------ Data ------

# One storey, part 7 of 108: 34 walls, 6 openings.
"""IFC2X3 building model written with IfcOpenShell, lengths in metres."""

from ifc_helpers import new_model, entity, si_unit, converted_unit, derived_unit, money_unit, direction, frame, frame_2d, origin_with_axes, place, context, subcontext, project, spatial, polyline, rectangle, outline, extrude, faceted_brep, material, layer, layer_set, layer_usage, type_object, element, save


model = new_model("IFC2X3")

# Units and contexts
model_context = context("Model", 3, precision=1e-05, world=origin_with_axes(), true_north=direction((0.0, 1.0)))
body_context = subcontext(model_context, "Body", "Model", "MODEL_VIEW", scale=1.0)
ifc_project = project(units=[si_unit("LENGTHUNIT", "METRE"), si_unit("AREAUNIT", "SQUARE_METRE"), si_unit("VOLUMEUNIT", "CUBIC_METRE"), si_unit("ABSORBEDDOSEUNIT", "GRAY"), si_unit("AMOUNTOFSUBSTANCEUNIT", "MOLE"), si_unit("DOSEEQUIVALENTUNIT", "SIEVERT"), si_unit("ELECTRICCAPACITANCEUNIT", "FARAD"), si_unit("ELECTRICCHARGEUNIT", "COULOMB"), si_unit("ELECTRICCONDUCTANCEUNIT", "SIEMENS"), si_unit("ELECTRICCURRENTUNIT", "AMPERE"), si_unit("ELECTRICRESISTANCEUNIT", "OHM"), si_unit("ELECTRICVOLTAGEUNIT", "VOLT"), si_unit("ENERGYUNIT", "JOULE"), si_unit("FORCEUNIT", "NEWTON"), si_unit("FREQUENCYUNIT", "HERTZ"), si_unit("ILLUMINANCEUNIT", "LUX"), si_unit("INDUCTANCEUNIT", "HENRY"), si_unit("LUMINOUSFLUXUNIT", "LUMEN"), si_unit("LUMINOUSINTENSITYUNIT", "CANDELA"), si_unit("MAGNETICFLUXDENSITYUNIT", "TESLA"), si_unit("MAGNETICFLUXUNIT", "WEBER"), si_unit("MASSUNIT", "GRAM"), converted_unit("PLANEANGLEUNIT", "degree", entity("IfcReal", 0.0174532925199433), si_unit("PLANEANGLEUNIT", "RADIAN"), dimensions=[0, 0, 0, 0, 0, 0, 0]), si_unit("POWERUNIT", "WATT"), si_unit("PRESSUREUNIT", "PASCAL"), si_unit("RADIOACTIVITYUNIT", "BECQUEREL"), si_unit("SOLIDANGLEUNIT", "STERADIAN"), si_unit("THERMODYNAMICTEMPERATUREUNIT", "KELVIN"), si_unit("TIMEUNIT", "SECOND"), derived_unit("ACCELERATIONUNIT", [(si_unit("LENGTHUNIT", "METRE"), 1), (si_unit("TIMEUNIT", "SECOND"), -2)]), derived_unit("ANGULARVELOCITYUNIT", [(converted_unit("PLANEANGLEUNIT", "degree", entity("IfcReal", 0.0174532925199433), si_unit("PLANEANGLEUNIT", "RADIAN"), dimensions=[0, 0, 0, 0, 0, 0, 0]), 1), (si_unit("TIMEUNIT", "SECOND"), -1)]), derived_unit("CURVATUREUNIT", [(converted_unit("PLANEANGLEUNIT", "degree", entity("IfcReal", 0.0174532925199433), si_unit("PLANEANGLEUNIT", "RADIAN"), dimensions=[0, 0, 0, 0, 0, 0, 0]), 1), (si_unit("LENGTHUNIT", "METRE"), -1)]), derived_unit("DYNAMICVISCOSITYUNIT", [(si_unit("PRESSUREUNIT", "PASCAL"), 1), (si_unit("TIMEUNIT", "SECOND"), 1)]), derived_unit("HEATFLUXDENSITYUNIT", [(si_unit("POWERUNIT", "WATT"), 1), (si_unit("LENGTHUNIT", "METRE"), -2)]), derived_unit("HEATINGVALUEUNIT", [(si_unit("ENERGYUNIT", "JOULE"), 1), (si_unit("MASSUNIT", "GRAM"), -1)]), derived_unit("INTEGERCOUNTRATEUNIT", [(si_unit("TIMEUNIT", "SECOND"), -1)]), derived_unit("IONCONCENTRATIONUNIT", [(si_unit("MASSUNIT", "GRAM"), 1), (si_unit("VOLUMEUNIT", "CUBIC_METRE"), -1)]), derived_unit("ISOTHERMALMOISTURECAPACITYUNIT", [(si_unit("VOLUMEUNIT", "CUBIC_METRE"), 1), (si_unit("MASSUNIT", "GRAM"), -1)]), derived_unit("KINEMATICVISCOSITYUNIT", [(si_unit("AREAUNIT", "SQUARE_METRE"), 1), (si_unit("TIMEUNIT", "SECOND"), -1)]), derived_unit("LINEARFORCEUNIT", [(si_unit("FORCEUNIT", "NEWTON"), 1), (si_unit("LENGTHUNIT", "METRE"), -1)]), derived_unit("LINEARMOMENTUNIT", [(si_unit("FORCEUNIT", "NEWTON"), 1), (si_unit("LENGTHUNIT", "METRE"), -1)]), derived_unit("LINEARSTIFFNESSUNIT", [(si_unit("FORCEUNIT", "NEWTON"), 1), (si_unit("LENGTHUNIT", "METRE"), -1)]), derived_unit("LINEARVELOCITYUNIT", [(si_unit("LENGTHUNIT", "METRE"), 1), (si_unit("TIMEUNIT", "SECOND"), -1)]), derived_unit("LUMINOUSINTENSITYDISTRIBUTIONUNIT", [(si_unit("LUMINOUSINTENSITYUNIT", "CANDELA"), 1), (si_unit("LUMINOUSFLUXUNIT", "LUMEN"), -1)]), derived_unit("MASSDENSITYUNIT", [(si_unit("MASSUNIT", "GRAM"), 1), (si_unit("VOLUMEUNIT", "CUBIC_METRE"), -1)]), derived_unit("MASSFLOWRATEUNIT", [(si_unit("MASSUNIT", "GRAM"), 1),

------

What is expected:
A bare number is all that is asked for: the count of lines above that include "subcontext".

Written reply:
2